Ninguém na casa jamais chegara a duvidar de que Blue estava destinada a matar seu verdadeiro amor com um beijo. Era uma ameaça, entretanto, que estivera à sua volta por tanto tempo que perdera a força. Pensar em Blue, aos seis anos, apaixonada era uma coisa tão distante a ponto de ser imaginária.
E, aos dezesseis anos, ela decidira que nunca se apaixonaria, então não havia por que se importar.
Mas essa crença mudou quando a meia-irmã de sua mãe, Neeve, chegou à cidadezinha de Henrietta, onde elas moravam. Neeve ficara famosa fazendo com estardalhaço o que a mãe de Blue fazia em silêncio. As leituras de Maura eram feitas na sala de estar, quase sempre para moradores de Henrietta e do vale que contornava a cidade. Neeve, por sua vez, fazia leituras na televisão, às cinco horas da manhã. Tinha um site que trazia antigas fotografias dela em foco suave, encarando diretamente o visitante. Quatro livros a respeito do sobrenatural traziam seu nome na capa.
Blue nunca havia encontrado Neeve, portanto sabia mais sobre sua meia-tia por pesquisas na rede do que por experiência pessoal. Também não tinha certeza do motivo pelo qual Neeve vinha visitá-las, mas sabia que sua chegada iminente incitara uma legião de conversas sussurradas entre Maura e suas duas melhores amigas, Persephone e Calla — o tipo de conversa que se extinguia em goles de café e batidas de caneta na mesa quando Blue entrava na sala. Mas a garota não estava muito preocupada com a chegada da tia; o que era uma mulher a mais em uma casa cheia delas?
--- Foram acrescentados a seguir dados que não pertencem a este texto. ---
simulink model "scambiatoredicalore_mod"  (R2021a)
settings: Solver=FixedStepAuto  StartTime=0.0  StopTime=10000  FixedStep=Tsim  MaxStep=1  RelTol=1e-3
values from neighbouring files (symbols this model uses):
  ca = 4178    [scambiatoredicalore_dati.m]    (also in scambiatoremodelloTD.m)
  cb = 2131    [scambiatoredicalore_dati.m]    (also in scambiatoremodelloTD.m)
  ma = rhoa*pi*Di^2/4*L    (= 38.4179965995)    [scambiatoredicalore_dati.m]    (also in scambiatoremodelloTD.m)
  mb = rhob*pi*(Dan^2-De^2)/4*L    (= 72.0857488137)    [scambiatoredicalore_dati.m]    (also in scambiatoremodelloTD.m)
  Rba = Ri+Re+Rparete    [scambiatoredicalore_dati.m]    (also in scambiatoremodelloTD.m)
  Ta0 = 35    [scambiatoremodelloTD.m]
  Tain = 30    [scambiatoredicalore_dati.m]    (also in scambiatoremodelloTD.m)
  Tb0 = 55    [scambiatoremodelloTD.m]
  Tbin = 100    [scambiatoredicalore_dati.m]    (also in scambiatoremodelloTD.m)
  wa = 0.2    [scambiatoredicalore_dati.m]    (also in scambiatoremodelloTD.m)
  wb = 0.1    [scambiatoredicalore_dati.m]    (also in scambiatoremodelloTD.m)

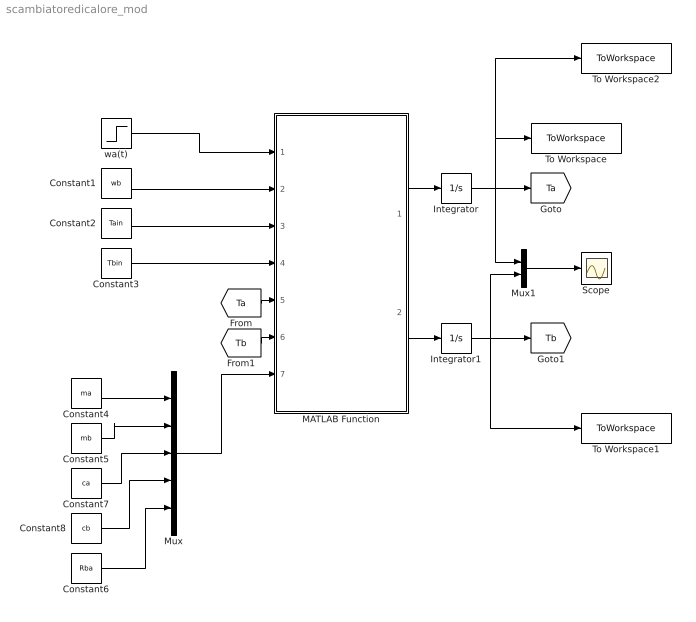
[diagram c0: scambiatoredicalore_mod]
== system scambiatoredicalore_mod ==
  Constant1 : Constant  Value=wb
  Constant2 : Constant  Value=Tain
  Constant3 : Constant  Value=Tbin
  Constant4 : Constant  Value=ma
  Constant5 : Constant  Value=mb
  Constant6 : Constant  Value=Rba
  Constant7 : Constant  Value=ca
  Constant8 : Constant  Value=cb
  Integrator : Integrator  InitialCondition=Ta0
  Integrator1 : Integrator  InitialCondition=Tb0
  MATLAB Function : MATLAB Function  TreatAsAtomicUnit=on
  Mux : Mux  Inputs=5
  Mux1 : Mux  Inputs=2
  Scope : Scope
  To Workspace : ToWorkspace  VariableName=simout  SaveFormat=Timeseries  SampleTime=-1
  To Workspace1 : ToWorkspace  VariableName=Tbmod  SaveFormat=Timeseries  SampleTime=-1
  To Workspace2 : ToWorkspace  VariableName=Tamod  SaveFormat=Timeseries  SampleTime=-1
  wa(t) : Step  Time=5000  Before=wa  After=2*wa  SampleTime=0
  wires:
  MATLAB Function/1(Tadot) -> Integrator/1
  MATLAB Function/2(Tbdot) -> Integrator1/1
  Integrator/1 -> [Ta], To Workspace2/1, To Workspace/1, Mux1/1
  Integrator1/1 -> To Workspace1/1, Mux1/2, [Tb]
  [Ta] -> MATLAB Function/5(Ta)
  [Tb] -> MATLAB Function/6(Tb)
  wa(t)/1 -> MATLAB Function/1(wa)
  Constant1/1 -> MATLAB Function/2(wb)
  Constant2/1 -> MATLAB Function/3(Tain)
  Constant3/1 -> MATLAB Function/4(Tbin)
  Constant4/1 -> Mux/1
  Constant5/1 -> Mux/2
  Mux/1 -> MATLAB Function/7(par)
  Constant7/1 -> Mux/3
  Constant8/1 -> Mux/4
  Constant6/1 -> Mux/5
  Mux1/1 -> Scope/1

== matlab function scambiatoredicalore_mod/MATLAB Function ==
function [Tadot,Tbdot] = fcn(wa,wb,Tain,Tbin,Ta,Tb,par)

ma=par(1);
mb=par(2);
ca=par(3);
cb=par(4);
Rba=par(5);

DT1=Tbin-Ta;
DT2=Tb-Tain;

Tadot =  1/ma*wa*(Tain-Ta)+1/(Rba*ma*ca)*(DT1-DT2)/log(DT1/DT2);
Tbdot =  1/mb*wb*(Tbin-Tb)-1/(Rba*mb*cb)*(DT1-DT2)/log(DT1/DT2);

Neeve finalmente apareceu em uma noite de primavera, quando as longas sombras das montanhas a oeste pareciam ainda mais extensas que de costume. Quando Blue abriu a porta para Neeve, pensou por um momento que se tratava de uma senhora desconhecida, mas então seus olhos se acostumaram à luz escarlate que se alastrava vinda do meio das árvores e ela percebeu que Neeve era apenas um pouco mais velha que Maura, o que não era ser muito velha, afinal.
Na rua, ao longe, os cães de caça latiam. Blue já estava acostumada com suas vozes; a cada outono, o Clube de Caça de Aglionby saía com seus cavalos e cães para a caça à raposa, quase todos os fins de semana. Blue sabia o que aqueles uivos frenéticos significavam naquele momento. Eles estavam em perseguição.
— Você é a filha de Maura — disse Neeve e, antes que Blue pudesse responder, acrescentou: — Este é o ano em que você se apaixonará.